(Records excerpted from a collection)
"""

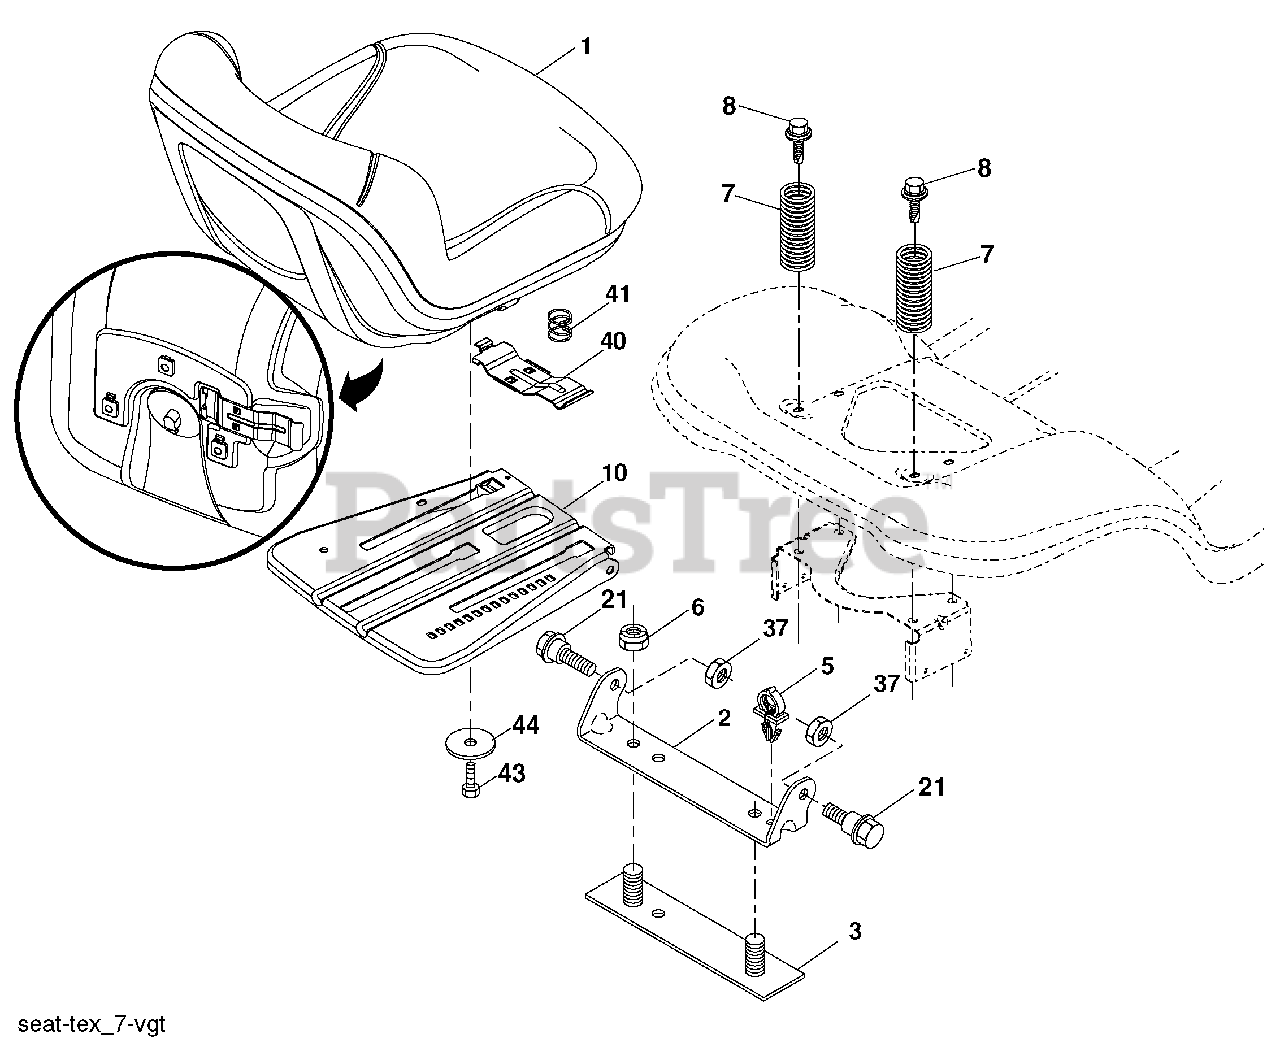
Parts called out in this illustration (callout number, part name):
1	Seat
2	Bracket Pivot Fender
3	Strap, Asm Fender
5	Clip, Push In, Hinged
6	Nut, Lock W/Ins. 3/8-16 unc
7	Spring, Seat Cprsn
8	Bolt 5/16-18 uncx 3/4 w/Sems
10	Pan, Seat
21	Bolt, Shoulder 5/16-18
37	Nut, Lock 5/16-18 unc
40	Handle Slide Seat
41	Spring Latch Seat
43	Bolt Fin Hex 3/8-16 UNC x 3/4
44	Washer 13/32 x 2-3/8 x 12Ga.
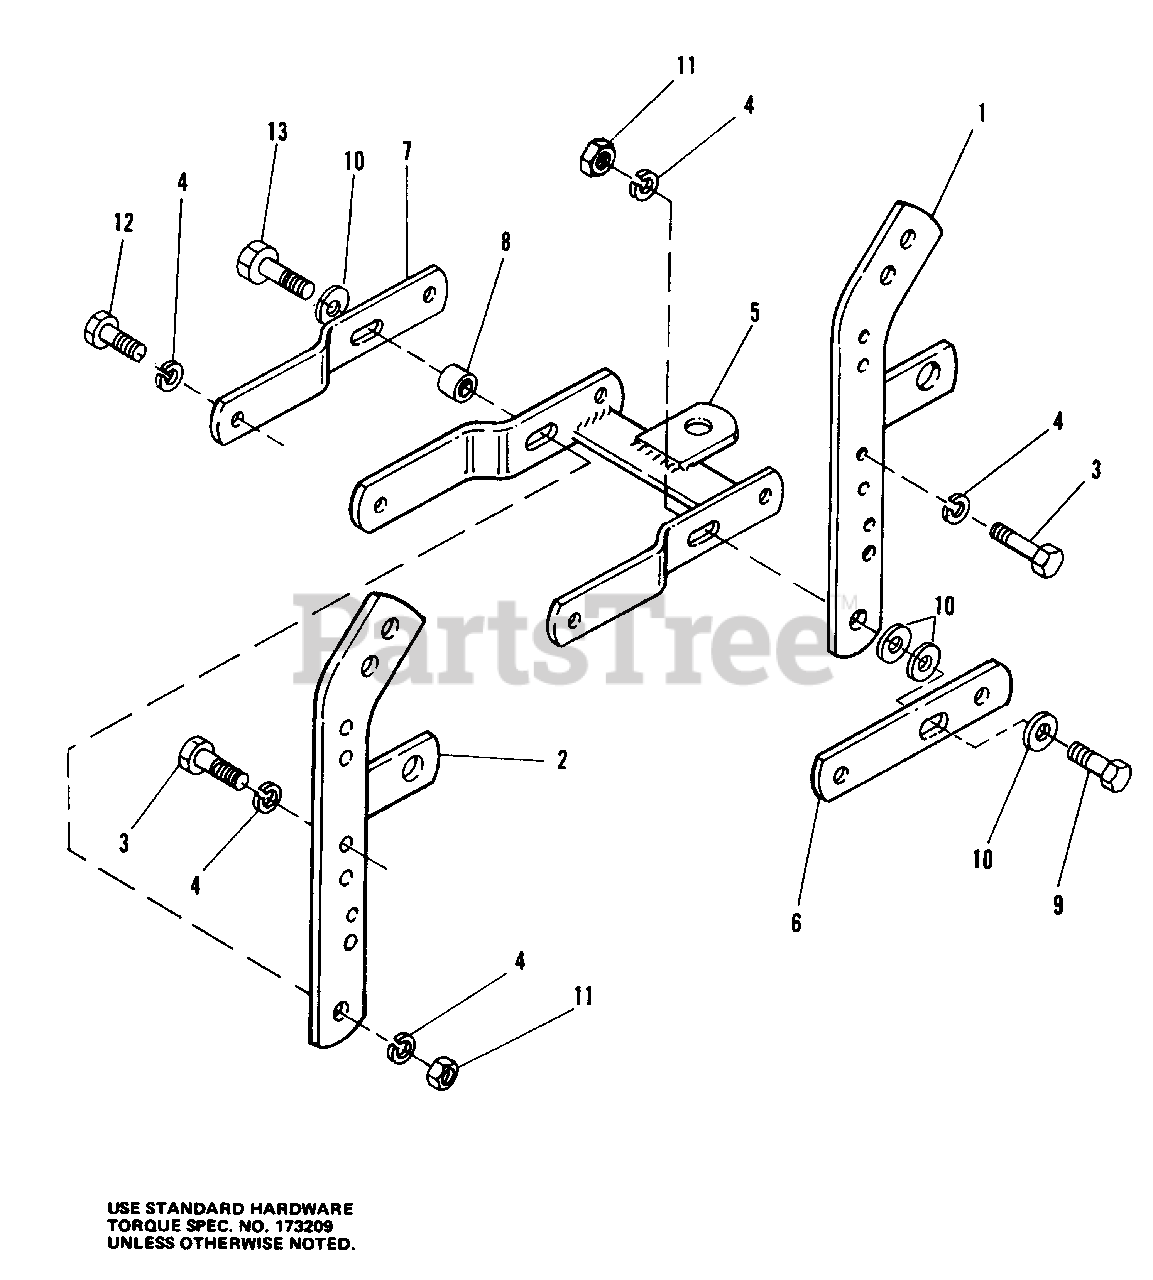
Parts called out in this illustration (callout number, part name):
1	L.H. ARM ASSEMBLY
2	R.H. ARM ASSEMBLY
3	CAPSCREW, Hex Hd., 7/16-14 x 1
4	LOCKWASHER, 7/16
5	DRAWBAR ASSEMBLY
6	BAR, Pull, L.H.
7	BAR, Draw, R.H.
9	CAPSCREW, Hex Hd., 7/16-14 x 1-1/2
10	WASHER, 7/16
11	NUT, Hex, 7/16-14
12	CAPSCREW, Hex Hd., 7/16-14 x 1-3/4
13	CAPSCREW, Hex Hd., 7/16-14 x 2-1/4
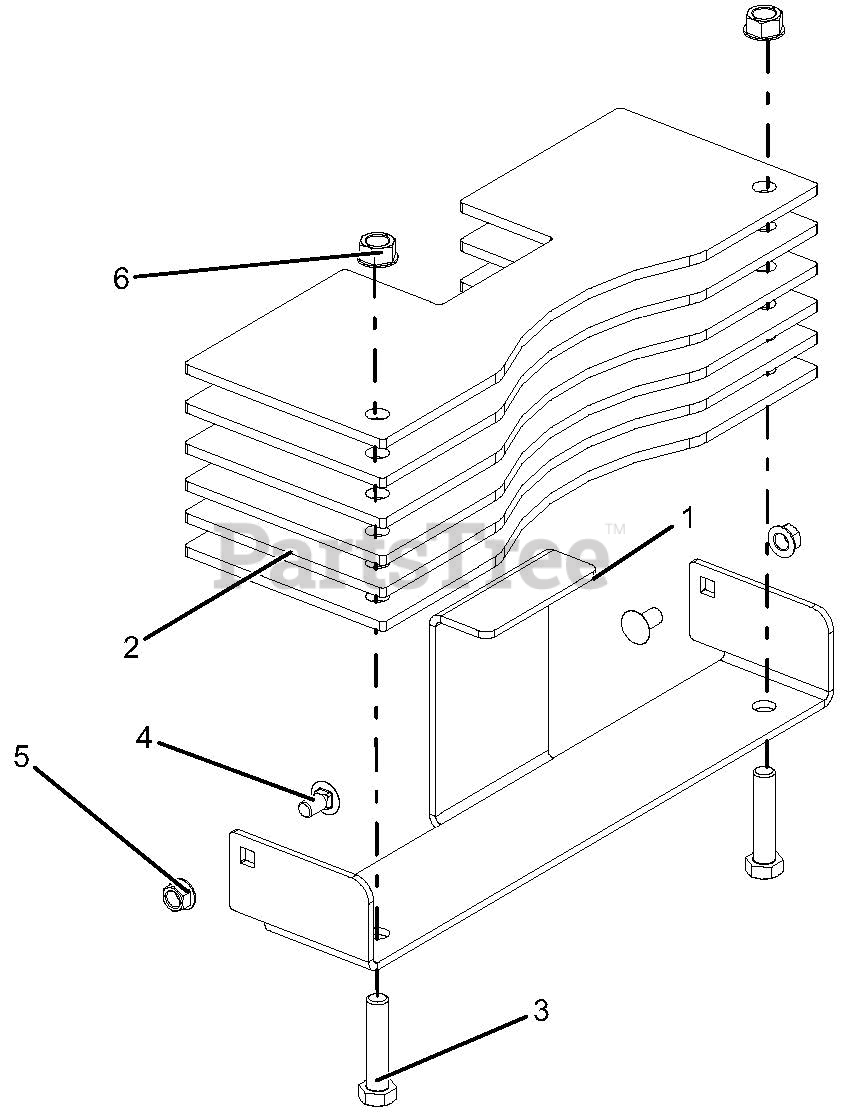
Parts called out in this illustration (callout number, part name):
1	BRKT, WEIGHT HANGING- BAGGER
2	WEIGHT, BAGGER
3	BLT-HEX .50-13X2.25 GR5 YWZC
4	BLT-RDHDSQNK .38-16X.75 G5 YWZC
5	NUT, LK-TOP-FLG .38-16 YWZC
6	NUT, LK-TOP-FLG .50-13 YWZC
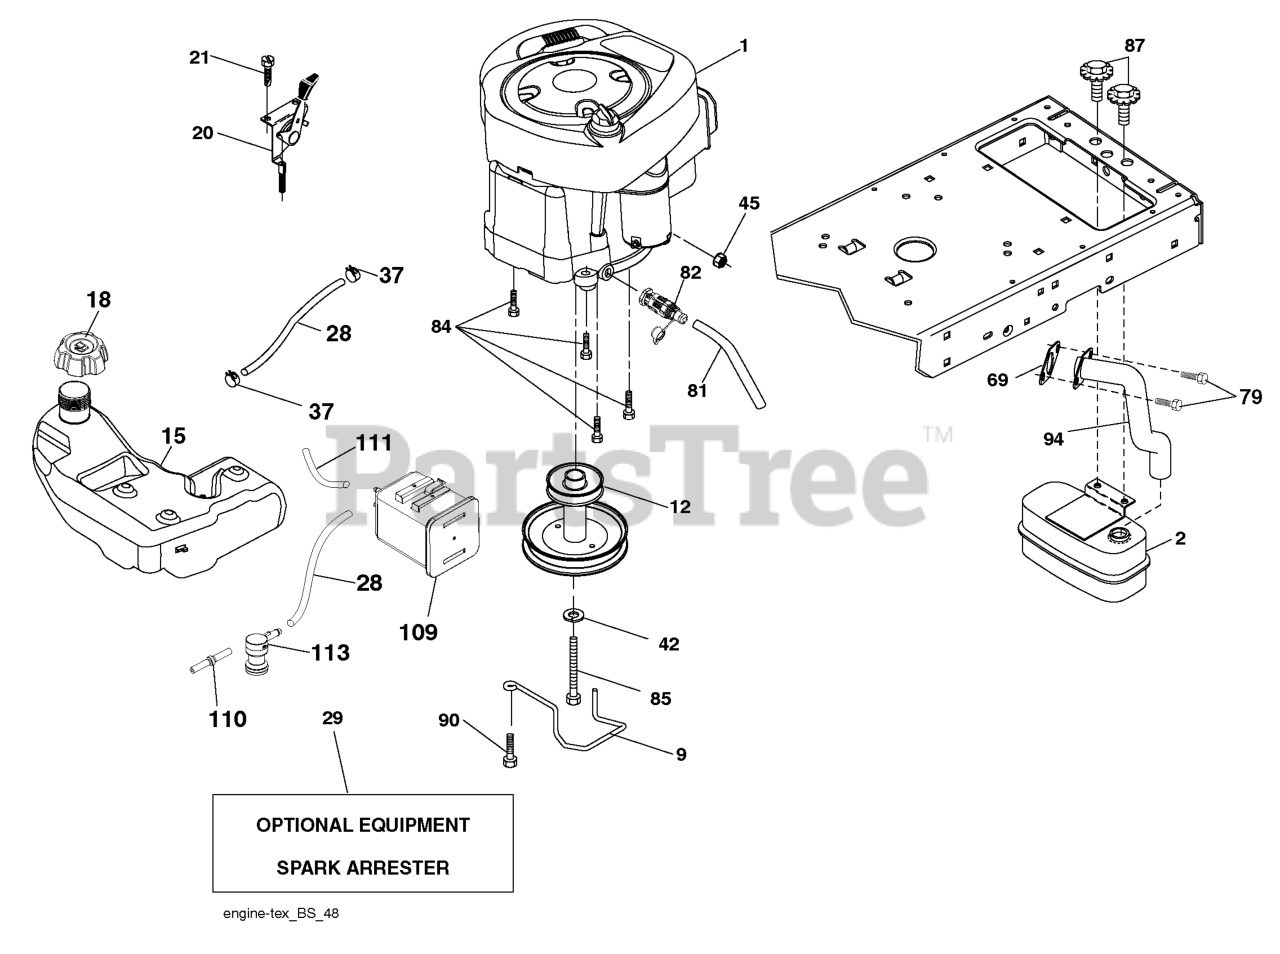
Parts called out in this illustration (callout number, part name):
2	MUFFLER.SINGLE.CYL.KOHL/B&S
9	KEEPER.BELT.ENGINE.4.2
12	PULLY ENGINE
15	TANK.ASM.FUEL.3GA.CARB
18	RP CAP ASM
20	CONTROL.TH/CK.COBRA.KO
21	SCREW.#10 X 0.750.BOS
28	LINE.FUEL.64"REAR.EMIS
29	KIT.SPARK ARRESTOR 794945 B&S
37	HOSE CLAMP
42	LOCKWASHER
45	NUT
69	REPL BY 532 27 22-93
79	SCREW.SOCKET HD.5/16-1
81	TUBE, DRAIN OIL ASM.
82	VALUE.OIL.DRAIN
84	SCREW.3/8-16
85	BOLT HEX 7/16-20X4-1/4"
87	BOLT.5/16-18UNCX3/4 W/SEMS.BLK
90	SCREW 3/8-16X1
94	EXHAUST.TUBE.B&S.
109	CANNISTER, CARBON
110	VALVE.ASM.ANTI-SLOSH
111	RP PURGE LINE
113	VALVE.SLANT.CARTRDG.90 DEG.TEX
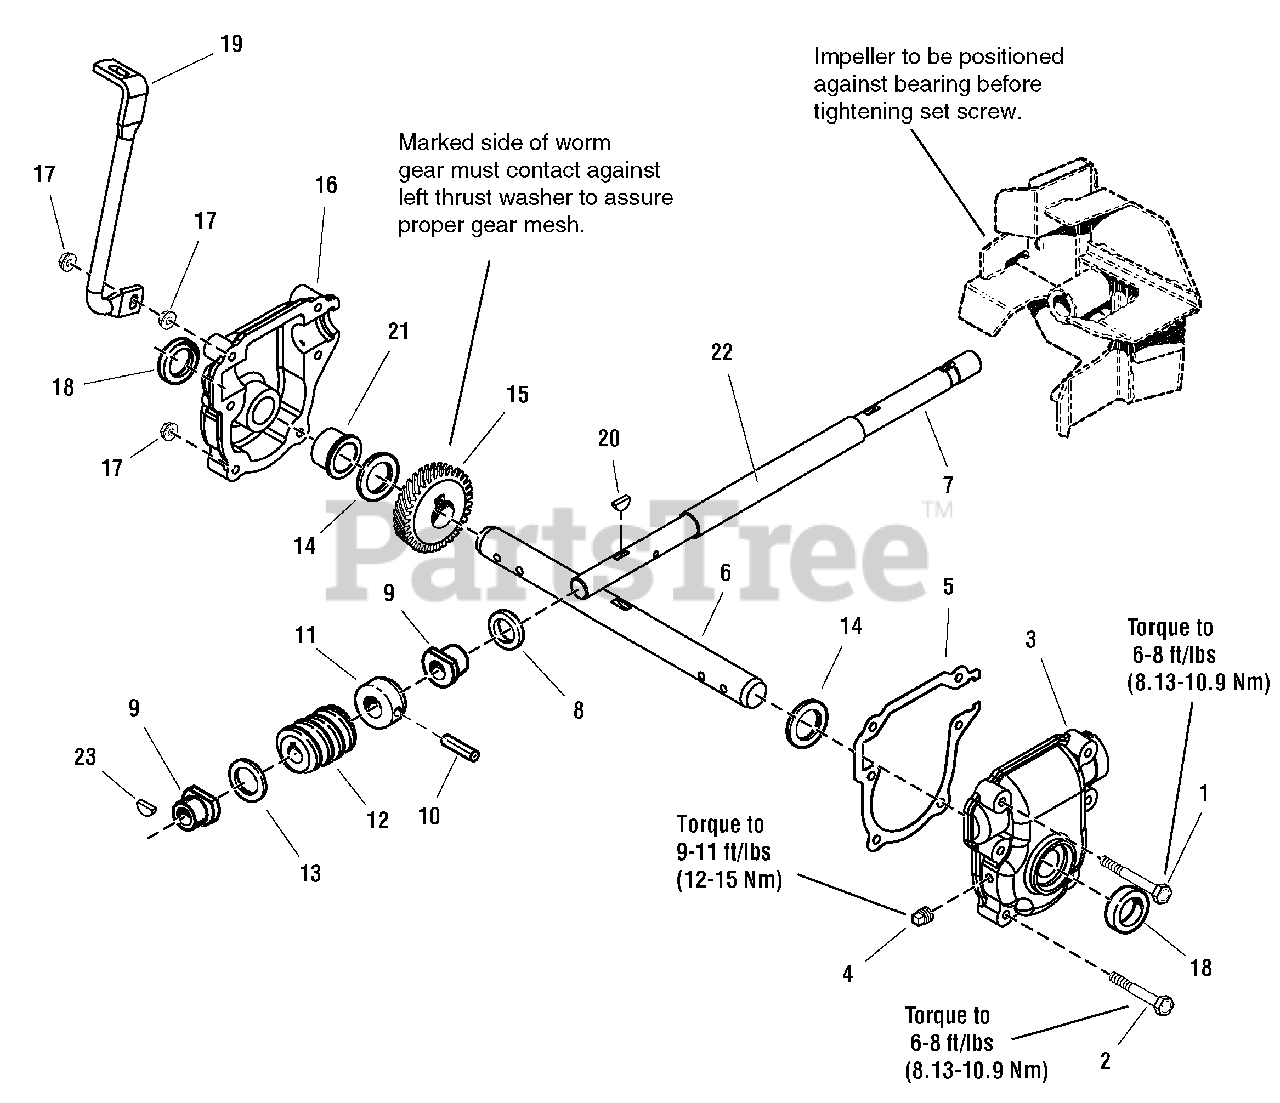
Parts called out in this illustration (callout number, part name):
1	CAPSCREW, Hex Head, 1/4-20 x 2-1/2
2	CAPSCREW, Hex Head, 1/4-20 x 2-1/4
3	GEAR CASE, L.H.
4	FITTING, Pipe Plug
6	SHAFT, Auger Cutoff
7	SHAFT, Worm Cutoff
9	FLANGE BUSHING
10	PIN, Drive Lock
11	THRUST COLLAR
12	WORMGEAR, 1-3/4 OD x 1-3/8 Long
13	THRUST WASHER
14	THRUST WASHER
15	WORMGEAR, 21T, 3" O.D. x 7/8 Long
16	GEAR CASE, R.H.
17	NUT, Top Lock Flange 1/4-20
19	BRACKET, Support
20	KEY, Woodruff .18 x .62
23	KEY, Woodruff 1/4 x 3/4

"""

Work required | Line by line, retype the records above exactly, minus the images.

Solution to the problem |
Parts called out in this illustration (callout number, part name):
1	Seat
2	Bracket Pivot Fender
3	Strap, Asm Fender
5	Clip, Push In, Hinged
6	Nut, Lock W/Ins. 3/8-16 unc
7	Spring, Seat Cprsn
8	Bolt 5/16-18 uncx 3/4 w/Sems
10	Pan, Seat
21	Bolt, Shoulder 5/16-18
37	Nut, Lock 5/16-18 unc
40	Handle Slide Seat
41	Spring Latch Seat
43	Bolt Fin Hex 3/8-16 UNC x 3/4
44	Washer 13/32 x 2-3/8 x 12Ga.
Parts called out in this illustration (callout number, part name):
1	L.H. ARM ASSEMBLY
2	R.H. ARM ASSEMBLY
3	CAPSCREW, Hex Hd., 7/16-14 x 1
4	LOCKWASHER, 7/16
5	DRAWBAR ASSEMBLY
6	BAR, Pull, L.H.
7	BAR, Draw, R.H.
9	CAPSCREW, Hex Hd., 7/16-14 x 1-1/2
10	WASHER, 7/16
11	NUT, Hex, 7/16-14
12	CAPSCREW, Hex Hd., 7/16-14 x 1-3/4
13	CAPSCREW, Hex Hd., 7/16-14 x 2-1/4
Parts called out in this illustration (callout number, part name):
1	BRKT, WEIGHT HANGING- BAGGER
2	WEIGHT, BAGGER
3	BLT-HEX .50-13X2.25 GR5 YWZC
4	BLT-RDHDSQNK .38-16X.75 G5 YWZC
5	NUT, LK-TOP-FLG .38-16 YWZC
6	NUT, LK-TOP-FLG .50-13 YWZC
Parts called out in this illustration (callout number, part name):
2	MUFFLER.SINGLE.CYL.KOHL/B&S
9	KEEPER.BELT.ENGINE.4.2
12	PULLY ENGINE
15	TANK.ASM.FUEL.3GA.CARB
18	RP CAP ASM
20	CONTROL.TH/CK.COBRA.KO
21	SCREW.#10 X 0.750.BOS
28	LINE.FUEL.64"REAR.EMIS
29	KIT.SPARK ARRESTOR 794945 B&S
37	HOSE CLAMP
42	LOCKWASHER
45	NUT
69	REPL BY 532 27 22-93
79	SCREW.SOCKET HD.5/16-1
81	TUBE, DRAIN OIL ASM.
82	VALUE.OIL.DRAIN
84	SCREW.3/8-16
85	BOLT HEX 7/16-20X4-1/4"
87	BOLT.5/16-18UNCX3/4 W/SEMS.BLK
90	SCREW 3/8-16X1
94	EXHAUST.TUBE.B&S.
109	CANNISTER, CARBON
110	VALVE.ASM.ANTI-SLOSH
111	RP PURGE LINE
113	VALVE.SLANT.CARTRDG.90 DEG.TEX
Parts called out in this illustration (callout number, part name):
1	CAPSCREW, Hex Head, 1/4-20 x 2-1/2
2	CAPSCREW, Hex Head, 1/4-20 x 2-1/4
3	GEAR CASE, L.H.
4	FITTING, Pipe Plug
6	SHAFT, Auger Cutoff
7	SHAFT, Worm Cutoff
9	FLANGE BUSHING
10	PIN, Drive Lock
11	THRUST COLLAR
12	WORMGEAR, 1-3/4 OD x 1-3/8 Long
13	THRUST WASHER
14	THRUST WASHER
15	WORMGEAR, 21T, 3" O.D. x 7/8 Long
16	GEAR CASE, R.H.
17	NUT, Top Lock Flange 1/4-20
19	BRACKET, Support
20	KEY, Woodruff .18 x .62
23	KEY, Woodruff 1/4 x 3/4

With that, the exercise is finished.